A 13 February 2016 statement from Brazil’s Ministry of Health (translated) echoed information published in medical journals and by public health authorities:
There are no epidemiological studies showing the association between use of pyriproxifen and microcephaly. The Ministry of Health only uses larvicides recommended by the World Health Organization (WHO). Products undergo a rigorous evaluation process of the World Health Organization Pesticed Evaluation Scheme (WHOPES). The pyriproxifen is among the products approved by that committee and also is certified by ANVISA (National Health Surveillance Agency), which assesses the safety of the larvicide in Brazil.

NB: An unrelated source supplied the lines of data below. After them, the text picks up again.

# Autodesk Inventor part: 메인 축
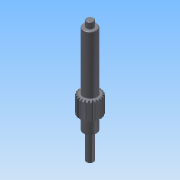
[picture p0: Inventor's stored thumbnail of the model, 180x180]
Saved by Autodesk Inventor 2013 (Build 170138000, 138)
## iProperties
Created: 2016-02
Part Number: 메인 축
Material: 강철, 연강
Document SubType Name: Modeling
Categories: <?xml version="1.0" encoding="UTF-16"?> <MemberInstance><Categories><FamilyTemplate><FamilyTemplateParameter ValueType="xs:double" Id="1" ObjectReferenceKey="da
Density: 1 g/cm^3
Mass: 23.8554 g
Surface Area: 82.0529 cm^2
Volume: 23.8554 cm^3
Author: mdu
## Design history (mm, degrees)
sketch "Sketch1"
  geometry: C1 r 12 at (0, 0)
  constraints: 1 centre point
  dimensions: "d0" = 24 diameter of C1 (= da_da)
extrude "Extrusion1" new body sketch "Sketch1" distance "d1" = 20 (= da_b); taper "d2" = 0 deg
workplane "Work Plane2"
feature "피치 지름" dims "d4" = 10, "d5" = 0
workplane "Work Plane8"
workplane "Work Plane9"
chamfer "모따기1" distance "d49" = 1; stored, may be unused: second distance "d50" = 2, angle "d51" = 45 deg
sketch "스케치3"
  geometry: C1 r 7.5 at (0, 0); 1 further point
  constraints: 1 centre point, 1 coincident
  dimensions: "d52" = 15 diameter of C1
extrude "돌출2" join sketch "스케치3" distance "d53" = 66; taper "d54" = 0 deg
sketch "스케치4"
  geometry: C1 r 4 at (0, 0); 1 further point
  constraints: 1 centre point, 1 coincident
  dimensions: "d55" = 8 diameter of C1
extrude "돌출3" join sketch "스케치4" distance "d56" = 7; taper "d57" = 0 deg
sketch "스케치5"
  geometry: C1 r 7.5 at (0, 0) reference; C2 r 7.5 at (0, 0) reference; 1 further point
extrude "돌출4" join sketch "스케치5" distance "d62" = 16; taper "d63" = 0 deg
sketch "스케치6"
  geometry: C1 r 4 at (0, 0); 1 further point
  constraints: 1 centre point, 1 coincident
  dimensions: "d64" = 8 diameter of C1
extrude "돌출5" join sketch "스케치6" distance "d65" = 30; taper "d66" = 0 deg
chamfer "모따기2" distance "d58" = 0.5; stored, may be unused: second distance "d59" = 2, angle "d60" = 45 deg
fillet "모깎기1" dims "d61" = 0.5
feature "스퍼 기어" dims "da_b" = 20, "da_d" = 22, "da_aw" = 31, "da_da" = 24, "da_df" = 19.5, "da_dw" = 22, angle "da_beta" = 0 deg, "da_lefttooth" = 0, "da_righttooth" = 0
sketch "스케치7" dims "d68" = 18
  geometry: C1 r 0.25 at (0, -9); 2 further points
  constraints: 2 vertical alignment, 1 centre point, 1 coincident, 2 other
  dimensions: "d67" = 0.5 diameter of C1
extrude "돌출6" join sketch "스케치7" distance "d69" = 0.3; taper "d70" = 0 deg
body "Solid1"
sketch "Sketch2"
  geometry: C1 r 12 at (0, 0) reference; C2 r 11 at (0, 0)
  constraints: 1 centre point, 1 coincident
  dimensions: "d3" = 22 diameter of C2 (= da_dw)
body "Srf1"
node "투영된 루프1"
other parameters: "d16" = 31 (= da_aw), "d17" = 0, "d34" = 1.428 (computed from da_z), "d39" = 0, "d41" = 0, "d43" = 31 (= da_aw), "d46" = 31 (= da_aw), "d47" = 0, "d48" = 0

Unlike the relationship between the Zika virus and microcephaly, which has had its confirmation attested in tests that indicated the presence of the virus in samples of blood, tissue and amniotic fluid, the association between the use of pyriproxifen and microcephaly has no scientific basis. Importantly, some localities that do not use pyriproxifen were also reported cases of microcephaly.
The Secretary of State of Rio Grande do Sul Health (SES / RS), as the local health authority, is empowered to use the product purchased and distributed the Ministry of Health or develop alternative strategies.
A global effort to determine the exact causes of the 2015-2016 increase in microcephaly cases in Brazil remained underway at the time the pyriproxifen theory was floated. No credible, mainstream experts or public health groups lent any credence to that particularly theory, and largely leaned toward a yet-undiscovered link between Zika virus and microcephaly.
Speculative reports connecting Monsanto and pyriproxifen as culprits had no basis in any accepted science or research and, at worst, served to exacerbate unfounded fears about larvicides during a mosquito-borne disease outbreak. To date, medical research hasn’t reached any firm conclusions about why a decades-old virus (Zika) potentially led to a sudden increase in microcephaly cases; however, the use of a similarly decades-old larvicide (pyriproxyfen) as the only cause was dismissed by experts across several related fields as improbable and without merit.